- Born: Wolfgang Uwe Eckart 7 February 1952 Schwelm, West Germany
- Died: 16 August 2021 (aged 69) Heidelberg, Germany
- Awards: Order of Merit of the Federal Republic of Germany (2016)

Academic background
- Alma mater: University of Münster
- Academic advisors: Richard Toellner, Karl Eduard Rothschuh

Academic work
- Discipline: History of medicine
- Institutions: Hannover Medical School; Heidelberg University;
- Notable works: Geschichte, Theorie und Ethik der Medizin

= Wolfgang Uwe Eckart =

German medical historian (1952–2021)

Wolfgang Uwe Eckart (7 February 1952 - 16 August 2021) was a German medical historian. For 25 years he directed the Institute for the History and Ethics of Medicine at Heidelberg University, and his survey Geschichte, Theorie und Ethik der Medizin became a standard German textbook in the field.

== Life and career ==
Eckart studied medicine, history and philosophy at the University of Münster. As a student he was active on the political left, in the Socialist University League (Sozialistischer Hochschulbund) and the Marxist Student Union Spartacus, and in 1973-74 he served as the league's cultural officer in the university student union. He qualified as a physician in 1977 and took his Dr. med. a year later with a dissertation on the Wittenberg physician Daniel Sennert. He remained in Münster until 1988, working at the Institute for the Theory and History of Medicine and qualifying as a Privatdozent in 1986. The same year he completed his habilitation with a study of German doctors in Japan and China, which he wrote while serving as a medical officer at the Military History Research Office in Freiburg. His teachers included Richard Toellner and Karl Eduard Rothschuh.

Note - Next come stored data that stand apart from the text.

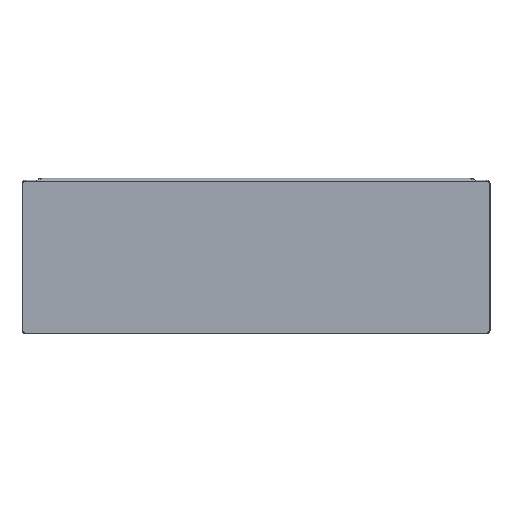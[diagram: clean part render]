
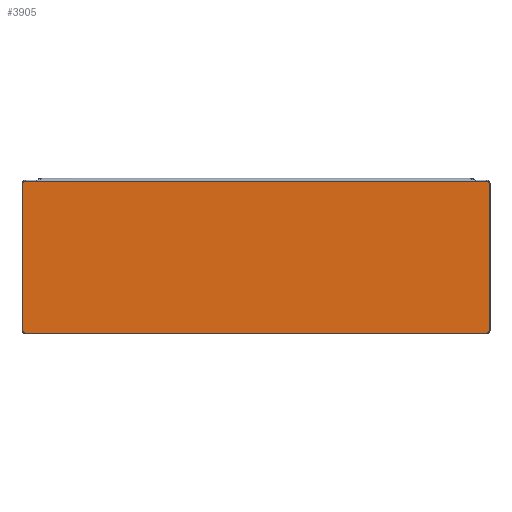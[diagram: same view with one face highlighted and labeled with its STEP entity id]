
A CAD part, top view. The second image highlights one B-rep face of the part: STEP entity #3905.
In plain terms, the highlighted planar face has unit normal (0, 0, 1).
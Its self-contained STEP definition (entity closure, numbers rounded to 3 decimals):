
#412=LINE('',#6114,#706);
#424=LINE('',#6165,#718);
#425=LINE('',#6167,#719);
#426=LINE('',#6171,#720);
#427=LINE('',#6175,#721);
#428=LINE('',#6176,#722);
#429=LINE('',#6178,#723);
#430=LINE('',#6180,#724);
#431=LINE('',#6184,#725);
#432=LINE('',#6188,#726);
#433=LINE('',#6190,#727);
#434=LINE('',#6193,#728);
#706=VECTOR('',#4878,1.);
#718=VECTOR('',#4930,1.);
#719=VECTOR('',#4931,10.);
#720=VECTOR('',#4934,1.);
#721=VECTOR('',#4937,10.);
#722=VECTOR('',#4938,1.);
#723=VECTOR('',#4939,1.);
#724=VECTOR('',#4940,10.);
#725=VECTOR('',#4943,1.);
#726=VECTOR('',#4946,10.);
#727=VECTOR('',#4947,1.);
#728=VECTOR('',#4950,1.);
#1003=FACE_OUTER_BOUND('',#1264,.T.);
#1264=EDGE_LOOP('',(#2763,#2764,#2765,#2766,#2767,#2768,#2769,#2770,#2771,
#2772,#2773,#2774,#2775,#2776,#2777,#2778,#2779,#2780,#2781,#2782));
#1602=CIRCLE('',#4370,1.5);
#1606=CIRCLE('',#4376,1.5);
#1607=CIRCLE('',#4378,1.5);
#1608=CIRCLE('',#4379,1.5);
#1609=CIRCLE('',#4380,1.5);
#1610=CIRCLE('',#4381,1.5);
#1611=CIRCLE('',#4382,1.5);
#1612=CIRCLE('',#4383,1.5);
#1798=VERTEX_POINT('',#6110);
#1799=VERTEX_POINT('',#6112);
#1813=VERTEX_POINT('',#6149);
#1815=VERTEX_POINT('',#6157);
#1816=VERTEX_POINT('',#6161);
#1817=VERTEX_POINT('',#6162);
#1818=VERTEX_POINT('',#6164);
#1819=VERTEX_POINT('',#6166);
#1820=VERTEX_POINT('',#6168);
#1821=VERTEX_POINT('',#6170);
#1822=VERTEX_POINT('',#6172);
#1823=VERTEX_POINT('',#6174);
#1824=VERTEX_POINT('',#6177);
#1825=VERTEX_POINT('',#6179);
#1826=VERTEX_POINT('',#6181);
#1827=VERTEX_POINT('',#6183);
#1828=VERTEX_POINT('',#6185);
#1829=VERTEX_POINT('',#6187);
#1830=VERTEX_POINT('',#6189);
#1831=VERTEX_POINT('',#6191);
#2169=EDGE_CURVE('',#1798,#1799,#412,.T.);
#2188=EDGE_CURVE('',#1799,#1813,#1602,.T.);
#2192=EDGE_CURVE('',#1815,#1798,#1606,.T.);
#2193=EDGE_CURVE('',#1816,#1817,#1607,.T.);
#2194=EDGE_CURVE('',#1817,#1818,#424,.T.);
#2195=EDGE_CURVE('',#1819,#1818,#425,.T.);
#2196=EDGE_CURVE('',#1820,#1819,#1608,.T.);
#2197=EDGE_CURVE('',#1820,#1821,#426,.T.);
#2198=EDGE_CURVE('',#1822,#1821,#1609,.T.);
#2199=EDGE_CURVE('',#1822,#1823,#427,.T.);
#2200=EDGE_CURVE('',#1823,#1815,#428,.T.);
#2201=EDGE_CURVE('',#1813,#1824,#429,.T.);
#2202=EDGE_CURVE('',#1825,#1824,#430,.T.);
#2203=EDGE_CURVE('',#1826,#1825,#1610,.T.);
#2204=EDGE_CURVE('',#1826,#1827,#431,.T.);
#2205=EDGE_CURVE('',#1828,#1827,#1611,.T.);
#2206=EDGE_CURVE('',#1828,#1829,#432,.T.);
#2207=EDGE_CURVE('',#1829,#1830,#433,.T.);
#2208=EDGE_CURVE('',#1830,#1831,#1612,.T.);
#2209=EDGE_CURVE('',#1831,#1816,#434,.T.);
#2763=ORIENTED_EDGE('',*,*,#2193,.T.);
#2764=ORIENTED_EDGE('',*,*,#2194,.T.);
#2765=ORIENTED_EDGE('',*,*,#2195,.F.);
#2766=ORIENTED_EDGE('',*,*,#2196,.F.);
#2767=ORIENTED_EDGE('',*,*,#2197,.T.);
#2768=ORIENTED_EDGE('',*,*,#2198,.F.);
#2769=ORIENTED_EDGE('',*,*,#2199,.T.);
#2770=ORIENTED_EDGE('',*,*,#2200,.T.);
#2771=ORIENTED_EDGE('',*,*,#2192,.T.);
#2772=ORIENTED_EDGE('',*,*,#2169,.T.);
#2773=ORIENTED_EDGE('',*,*,#2188,.T.);
#2774=ORIENTED_EDGE('',*,*,#2201,.T.);
#2775=ORIENTED_EDGE('',*,*,#2202,.F.);
#2776=ORIENTED_EDGE('',*,*,#2203,.F.);
#2777=ORIENTED_EDGE('',*,*,#2204,.T.);
#2778=ORIENTED_EDGE('',*,*,#2205,.F.);
#2779=ORIENTED_EDGE('',*,*,#2206,.T.);
#2780=ORIENTED_EDGE('',*,*,#2207,.T.);
#2781=ORIENTED_EDGE('',*,*,#2208,.T.);
#2782=ORIENTED_EDGE('',*,*,#2209,.T.);
#3778=PLANE('',#4377);
#3905=ADVANCED_FACE('',(#1003),#3778,.T.);
#4370=AXIS2_PLACEMENT_3D('',#6151,#4912,#4913);
#4376=AXIS2_PLACEMENT_3D('',#6159,#4924,#4925);
#4377=AXIS2_PLACEMENT_3D('',#6160,#4926,#4927);
#4378=AXIS2_PLACEMENT_3D('',#6163,#4928,#4929);
#4379=AXIS2_PLACEMENT_3D('',#6169,#4932,#4933);
#4380=AXIS2_PLACEMENT_3D('',#6173,#4935,#4936);
#4381=AXIS2_PLACEMENT_3D('',#6182,#4941,#4942);
#4382=AXIS2_PLACEMENT_3D('',#6186,#4944,#4945);
#4383=AXIS2_PLACEMENT_3D('',#6192,#4948,#4949);
#4878=DIRECTION('',(0.,1.,0.));
#4912=DIRECTION('center_axis',(0.,0.,1.));
#4913=DIRECTION('ref_axis',(1.,0.,0.));
#4924=DIRECTION('center_axis',(0.,0.,1.));
#4925=DIRECTION('ref_axis',(0.,-1.,0.));
#4926=DIRECTION('center_axis',(0.,0.,1.));
#4927=DIRECTION('ref_axis',(1.,0.,0.));
#4928=DIRECTION('center_axis',(0.,0.,1.));
#4929=DIRECTION('ref_axis',(-1.,0.,0.));
#4930=DIRECTION('',(1.,0.,0.));
#4931=DIRECTION('',(0.141,-0.99,0.));
#4932=DIRECTION('center_axis',(0.,0.,-1.));
#4933=DIRECTION('ref_axis',(0.,-1.,0.));
#4934=DIRECTION('',(1.,0.,0.));
#4935=DIRECTION('center_axis',(0.,0.,-1.));
#4936=DIRECTION('ref_axis',(0.048,-0.999,0.));
#4937=DIRECTION('',(-0.141,-0.99,0.));
#4938=DIRECTION('',(1.,0.,0.));
#4939=DIRECTION('',(-1.,0.,0.));
#4940=DIRECTION('',(-0.141,0.99,0.));
#4941=DIRECTION('center_axis',(0.,0.,-1.));
#4942=DIRECTION('ref_axis',(0.,1.,0.));
#4943=DIRECTION('',(-1.,0.,0.));
#4944=DIRECTION('center_axis',(0.,0.,-1.));
#4945=DIRECTION('ref_axis',(-0.048,0.999,0.));
#4946=DIRECTION('',(0.141,0.99,0.));
#4947=DIRECTION('',(-1.,0.,0.));
#4948=DIRECTION('center_axis',(0.,0.,1.));
#4949=DIRECTION('ref_axis',(0.,1.,0.));
#4950=DIRECTION('',(0.,-1.,0.));
#6110=CARTESIAN_POINT('',(152.,-48.,35.));
#6112=CARTESIAN_POINT('',(152.,48.,35.));
#6114=CARTESIAN_POINT('',(152.,-48.,35.));
#6149=CARTESIAN_POINT('',(150.5,49.5,35.));
#6151=CARTESIAN_POINT('Origin',(150.5,48.,35.));
#6157=CARTESIAN_POINT('',(150.5,-49.5,35.));
#6159=CARTESIAN_POINT('Origin',(150.5,-48.,35.));
#6160=CARTESIAN_POINT('Origin',(0.,0.,35.));
#6161=CARTESIAN_POINT('',(-152.,-48.,35.));
#6162=CARTESIAN_POINT('',(-150.5,-49.5,35.));
#6163=CARTESIAN_POINT('Origin',(-150.5,-48.,35.));
#6164=CARTESIAN_POINT('',(-143.071,-49.5,35.));
#6165=CARTESIAN_POINT('',(-150.5,-49.5,35.));
#6166=CARTESIAN_POINT('',(-143.072,-49.498,35.));
#6167=CARTESIAN_POINT('',(-143.072,-49.498,35.));
#6168=CARTESIAN_POINT('',(-143.,-49.5,35.));
#6169=CARTESIAN_POINT('Origin',(-143.,-48.,35.));
#6170=CARTESIAN_POINT('',(143.,-49.5,35.));
#6171=CARTESIAN_POINT('',(-143.,-49.5,35.));
#6172=CARTESIAN_POINT('',(143.072,-49.498,35.));
#6173=CARTESIAN_POINT('Origin',(143.,-48.,35.));
#6174=CARTESIAN_POINT('',(143.071,-49.5,35.));
#6175=CARTESIAN_POINT('',(143.072,-49.498,35.));
#6176=CARTESIAN_POINT('',(143.071,-49.5,35.));
#6177=CARTESIAN_POINT('',(143.071,49.5,35.));
#6178=CARTESIAN_POINT('',(150.5,49.5,35.));
#6179=CARTESIAN_POINT('',(143.072,49.498,35.));
#6180=CARTESIAN_POINT('',(143.072,49.498,35.));
#6181=CARTESIAN_POINT('',(143.,49.5,35.));
#6182=CARTESIAN_POINT('Origin',(143.,48.,35.));
#6183=CARTESIAN_POINT('',(-143.,49.5,35.));
#6184=CARTESIAN_POINT('',(143.,49.5,35.));
#6185=CARTESIAN_POINT('',(-143.072,49.498,35.));
#6186=CARTESIAN_POINT('Origin',(-143.,48.,35.));
#6187=CARTESIAN_POINT('',(-143.071,49.5,35.));
#6188=CARTESIAN_POINT('',(-143.072,49.498,35.));
#6189=CARTESIAN_POINT('',(-150.5,49.5,35.));
#6190=CARTESIAN_POINT('',(-143.071,49.5,35.));
#6191=CARTESIAN_POINT('',(-152.,48.,35.));
#6192=CARTESIAN_POINT('Origin',(-150.5,48.,35.));
#6193=CARTESIAN_POINT('',(-152.,48.,35.));
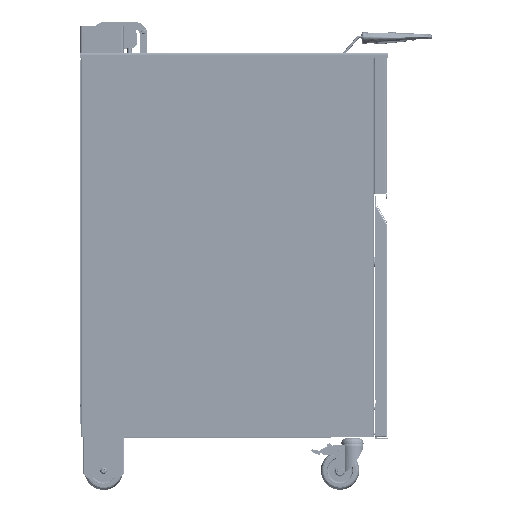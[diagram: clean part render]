
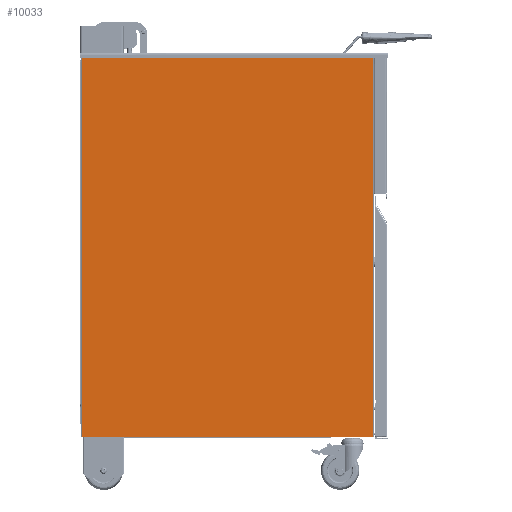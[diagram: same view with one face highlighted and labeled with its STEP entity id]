
A CAD part, left-side view. The second image highlights one B-rep face of the part: STEP entity #10033.
In plain terms, the highlighted planar face has unit normal (-1, 0, 0).
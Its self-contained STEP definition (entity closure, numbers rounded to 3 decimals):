
#10033=ADVANCED_FACE('',(#18555),#136360,.T.);
#18555=FACE_OUTER_BOUND('',#27841,.T.);
#27841=EDGE_LOOP('',(#68309,#68310,#68311,#68312,#68313,#68314,#68315,#68316,
#68317,#68318,#68319,#68320,#68321,#68322,#68323,#68324));
#68309=ORIENTED_EDGE('',*,*,#90609,.F.);
#68310=ORIENTED_EDGE('',*,*,#90610,.F.);
#68311=ORIENTED_EDGE('',*,*,#90611,.F.);
#68312=ORIENTED_EDGE('',*,*,#90612,.F.);
#68313=ORIENTED_EDGE('',*,*,#90613,.F.);
#68314=ORIENTED_EDGE('',*,*,#90614,.F.);
#68315=ORIENTED_EDGE('',*,*,#90615,.F.);
#68316=ORIENTED_EDGE('',*,*,#90616,.F.);
#68317=ORIENTED_EDGE('',*,*,#90617,.F.);
#68318=ORIENTED_EDGE('',*,*,#90618,.F.);
#68319=ORIENTED_EDGE('',*,*,#90619,.F.);
#68320=ORIENTED_EDGE('',*,*,#90620,.F.);
#68321=ORIENTED_EDGE('',*,*,#90621,.F.);
#68322=ORIENTED_EDGE('',*,*,#90622,.F.);
#68323=ORIENTED_EDGE('',*,*,#90623,.F.);
#68324=ORIENTED_EDGE('',*,*,#90608,.F.);
#90608=EDGE_CURVE('',#132094,#132095,#104221,.T.);
#90609=EDGE_CURVE('',#132096,#132094,#104222,.T.);
#90610=EDGE_CURVE('',#132097,#132096,#104223,.T.);
#90611=EDGE_CURVE('',#132098,#132097,#104224,.T.);
#90612=EDGE_CURVE('',#132099,#132098,#104225,.T.);
#90613=EDGE_CURVE('',#132100,#132099,#104226,.T.);
#90614=EDGE_CURVE('',#132101,#132100,#104227,.T.);
#90615=EDGE_CURVE('',#132102,#132101,#104228,.T.);
#90616=EDGE_CURVE('',#132103,#132102,#104229,.T.);
#90617=EDGE_CURVE('',#132104,#132103,#104230,.T.);
#90618=EDGE_CURVE('',#132105,#132104,#104231,.T.);
#90619=EDGE_CURVE('',#132106,#132105,#104232,.T.);
#90620=EDGE_CURVE('',#132107,#132106,#104233,.T.);
#90621=EDGE_CURVE('',#132108,#132107,#104234,.T.);
#90622=EDGE_CURVE('',#132109,#132108,#104235,.T.);
#90623=EDGE_CURVE('',#132095,#132109,#104236,.T.);
#104221=B_SPLINE_CURVE_WITH_KNOTS('',1,(#463032,#463033),.UNSPECIFIED.,
 .F.,.F.,(2,2),(-2.5,0.),.UNSPECIFIED.);
#104222=B_SPLINE_CURVE_WITH_KNOTS('',1,(#463034,#463035),.UNSPECIFIED.,
 .F.,.F.,(2,2),(-0.5,0.),.UNSPECIFIED.);
#104223=B_SPLINE_CURVE_WITH_KNOTS('',1,(#463036,#463037),.UNSPECIFIED.,
 .F.,.F.,(2,2),(-0.5,0.),.UNSPECIFIED.);
#104224=B_SPLINE_CURVE_WITH_KNOTS('',1,(#463038,#463039),.UNSPECIFIED.,
 .F.,.F.,(2,2),(-402.,0.),.UNSPECIFIED.);
#104225=B_SPLINE_CURVE_WITH_KNOTS('',1,(#463040,#463041),.UNSPECIFIED.,
 .F.,.F.,(2,2),(-0.5,0.),.UNSPECIFIED.);
#104226=B_SPLINE_CURVE_WITH_KNOTS('',1,(#463042,#463043),.UNSPECIFIED.,
 .F.,.F.,(2,2),(-0.5,0.),.UNSPECIFIED.);
#104227=B_SPLINE_CURVE_WITH_KNOTS('',1,(#463044,#463045),.UNSPECIFIED.,
 .F.,.F.,(2,2),(-2.5,0.),.UNSPECIFIED.);
#104228=B_SPLINE_CURVE_WITH_KNOTS('',1,(#463046,#463047),.UNSPECIFIED.,
 .F.,.F.,(2,2),(-81.335,0.),.UNSPECIFIED.);
#104229=B_SPLINE_CURVE_WITH_KNOTS('',1,(#463048,#463049),.UNSPECIFIED.,
 .F.,.F.,(2,2),(-744.8,0.),.UNSPECIFIED.);
#104230=B_SPLINE_CURVE_WITH_KNOTS('',1,(#463050,#463051),.UNSPECIFIED.,
 .F.,.F.,(2,2),(-81.835,0.),.UNSPECIFIED.);
#104231=B_SPLINE_CURVE_WITH_KNOTS('',1,(#463052,#463053),.UNSPECIFIED.,
 .F.,.F.,(2,2),(-0.2,0.),.UNSPECIFIED.);
#104232=B_SPLINE_CURVE_WITH_KNOTS('',1,(#463054,#463055),.UNSPECIFIED.,
 .F.,.F.,(2,2),(-402.,0.),.UNSPECIFIED.);
#104233=B_SPLINE_CURVE_WITH_KNOTS('',1,(#463056,#463057),.UNSPECIFIED.,
 .F.,.F.,(2,2),(-0.2,0.),.UNSPECIFIED.);
#104234=B_SPLINE_CURVE_WITH_KNOTS('',1,(#463058,#463059),.UNSPECIFIED.,
 .F.,.F.,(2,2),(-81.835,0.),.UNSPECIFIED.);
#104235=B_SPLINE_CURVE_WITH_KNOTS('',1,(#463060,#463061),.UNSPECIFIED.,
 .F.,.F.,(2,2),(-744.8,0.),.UNSPECIFIED.);
#104236=B_SPLINE_CURVE_WITH_KNOTS('',1,(#463062,#463063),.UNSPECIFIED.,
 .F.,.F.,(2,2),(-81.335,0.),.UNSPECIFIED.);
#132094=VERTEX_POINT('',#462756);
#132095=VERTEX_POINT('',#462757);
#132096=VERTEX_POINT('',#462758);
#132097=VERTEX_POINT('',#462759);
#132098=VERTEX_POINT('',#462760);
#132099=VERTEX_POINT('',#462761);
#132100=VERTEX_POINT('',#462762);
#132101=VERTEX_POINT('',#462763);
#132102=VERTEX_POINT('',#462764);
#132103=VERTEX_POINT('',#462765);
#132104=VERTEX_POINT('',#462766);
#132105=VERTEX_POINT('',#462767);
#132106=VERTEX_POINT('',#462768);
#132107=VERTEX_POINT('',#462769);
#132108=VERTEX_POINT('',#462770);
#132109=VERTEX_POINT('',#462771);
#136360=PLANE('',#154073);
#154073=AXIS2_PLACEMENT_3D('',#462589,#174487,$);
#174487=DIRECTION('',(-1.,0.,0.));
#462589=CARTESIAN_POINT('',(-246.5,-338.5,28.));
#462756=CARTESIAN_POINT('',(-246.5,-200.598,845.));
#462757=CARTESIAN_POINT('',(-246.5,-200.598,847.5));
#462758=CARTESIAN_POINT('',(-246.5,-200.098,845.));
#462759=CARTESIAN_POINT('',(-246.5,-200.098,845.5));
#462760=CARTESIAN_POINT('',(-246.5,201.902,845.5));
#462761=CARTESIAN_POINT('',(-246.5,201.902,845.));
#462762=CARTESIAN_POINT('',(-246.5,202.402,845.));
#462763=CARTESIAN_POINT('',(-246.5,202.402,847.5));
#462764=CARTESIAN_POINT('',(-246.5,283.737,847.5));
#462765=CARTESIAN_POINT('',(-246.5,283.737,102.7));
#462766=CARTESIAN_POINT('',(-246.5,201.902,102.7));
#462767=CARTESIAN_POINT('',(-246.5,201.902,102.5));
#462768=CARTESIAN_POINT('',(-246.5,-200.098,102.5));
#462769=CARTESIAN_POINT('',(-246.5,-200.098,102.7));
#462770=CARTESIAN_POINT('',(-246.5,-281.933,102.7));
#462771=CARTESIAN_POINT('',(-246.5,-281.933,847.5));
#463032=CARTESIAN_POINT('',(-246.5,-200.598,845.));
#463033=CARTESIAN_POINT('',(-246.5,-200.598,847.5));
#463034=CARTESIAN_POINT('',(-246.5,-200.098,845.));
#463035=CARTESIAN_POINT('',(-246.5,-200.598,845.));
#463036=CARTESIAN_POINT('',(-246.5,-200.098,845.5));
#463037=CARTESIAN_POINT('',(-246.5,-200.098,845.));
#463038=CARTESIAN_POINT('',(-246.5,201.902,845.5));
#463039=CARTESIAN_POINT('',(-246.5,-200.098,845.5));
#463040=CARTESIAN_POINT('',(-246.5,201.902,845.));
#463041=CARTESIAN_POINT('',(-246.5,201.902,845.5));
#463042=CARTESIAN_POINT('',(-246.5,202.402,845.));
#463043=CARTESIAN_POINT('',(-246.5,201.902,845.));
#463044=CARTESIAN_POINT('',(-246.5,202.402,847.5));
#463045=CARTESIAN_POINT('',(-246.5,202.402,845.));
#463046=CARTESIAN_POINT('',(-246.5,283.737,847.5));
#463047=CARTESIAN_POINT('',(-246.5,202.402,847.5));
#463048=CARTESIAN_POINT('',(-246.5,283.737,102.7));
#463049=CARTESIAN_POINT('',(-246.5,283.737,847.5));
#463050=CARTESIAN_POINT('',(-246.5,201.902,102.7));
#463051=CARTESIAN_POINT('',(-246.5,283.737,102.7));
#463052=CARTESIAN_POINT('',(-246.5,201.902,102.5));
#463053=CARTESIAN_POINT('',(-246.5,201.902,102.7));
#463054=CARTESIAN_POINT('',(-246.5,-200.098,102.5));
#463055=CARTESIAN_POINT('',(-246.5,201.902,102.5));
#463056=CARTESIAN_POINT('',(-246.5,-200.098,102.7));
#463057=CARTESIAN_POINT('',(-246.5,-200.098,102.5));
#463058=CARTESIAN_POINT('',(-246.5,-281.933,102.7));
#463059=CARTESIAN_POINT('',(-246.5,-200.098,102.7));
#463060=CARTESIAN_POINT('',(-246.5,-281.933,847.5));
#463061=CARTESIAN_POINT('',(-246.5,-281.933,102.7));
#463062=CARTESIAN_POINT('',(-246.5,-200.598,847.5));
#463063=CARTESIAN_POINT('',(-246.5,-281.933,847.5));

In 1988 Eckart became the first professor of the history of medicine at Hannover Medical School. He moved to Heidelberg University in 1992 to head its Institute for the History of Medicine - today the Institute for the History and Ethics of Medicine - and stayed there until his retirement in 2017. He was president of the Society for the History of Science (Gesellschaft für Wissenschaftsgeschichte) from 1996 to 1998, and was elected to the Leibniz Society of Sciences in 2002 and the German Academy of Sciences Leopoldina in 2009. In 2016 he received the Cross of Merit on Ribbon of the Order of Merit of the Federal Republic of Germany.

His work ranged widely: Byzantine medicine, the rise of modern medicine in the 16th and 17th centuries, medicine in literature, and medicine under colonialism, in wartime, and in German politics between 1871 and 1945. He wrote extensively on medicine under National Socialism. After retiring he turned mainly to the Leopoldina, and in his final years he was a frequent media voice placing the COVID-19 pandemic in historical context. Eckart died in Heidelberg in August 2021, aged 69, after a long illness the medical historian Karen Nolte succeeded him in the Heidelberg chair.

== Awards and honours ==
- Member of the German Academy of Sciences Leopoldina (2009)
- Cross of Merit on Ribbon of the Order of Merit of the Federal Republic of Germany (2016)

== Selected works ==
- Geschichte der Medizin. Springer, Berlin 1990; 9th revised edition published 2021 as Geschichte, Theorie und Ethik der Medizin, ISBN 978-3-662-63424-0.
- Medizin und Kolonialimperialismus. Deutschland 1884-1945. Schöningh, Paderborn 1997, ISBN 3-506-72181-X.
- with Robert Jütte: Medizingeschichte. Eine Einführung. Böhlau, Cologne 2007 (2nd ed. 2014), ISBN 978-3-8252-2903-0.
- Illustrierte Geschichte der Medizin. Von der Französischen Revolution bis heute. Springer, Berlin 2011, ISBN 978-3-642-12609-3.
- Medizin in der NS-Diktatur. Ideologien, Praxis, Folgen. Böhlau, Vienna 2012, ISBN 978-3-412-20847-9.
- Medizin und Krieg. Deutschland 1914-1924. Schöningh, Paderborn 2014, ISBN 978-3-506-75677-0.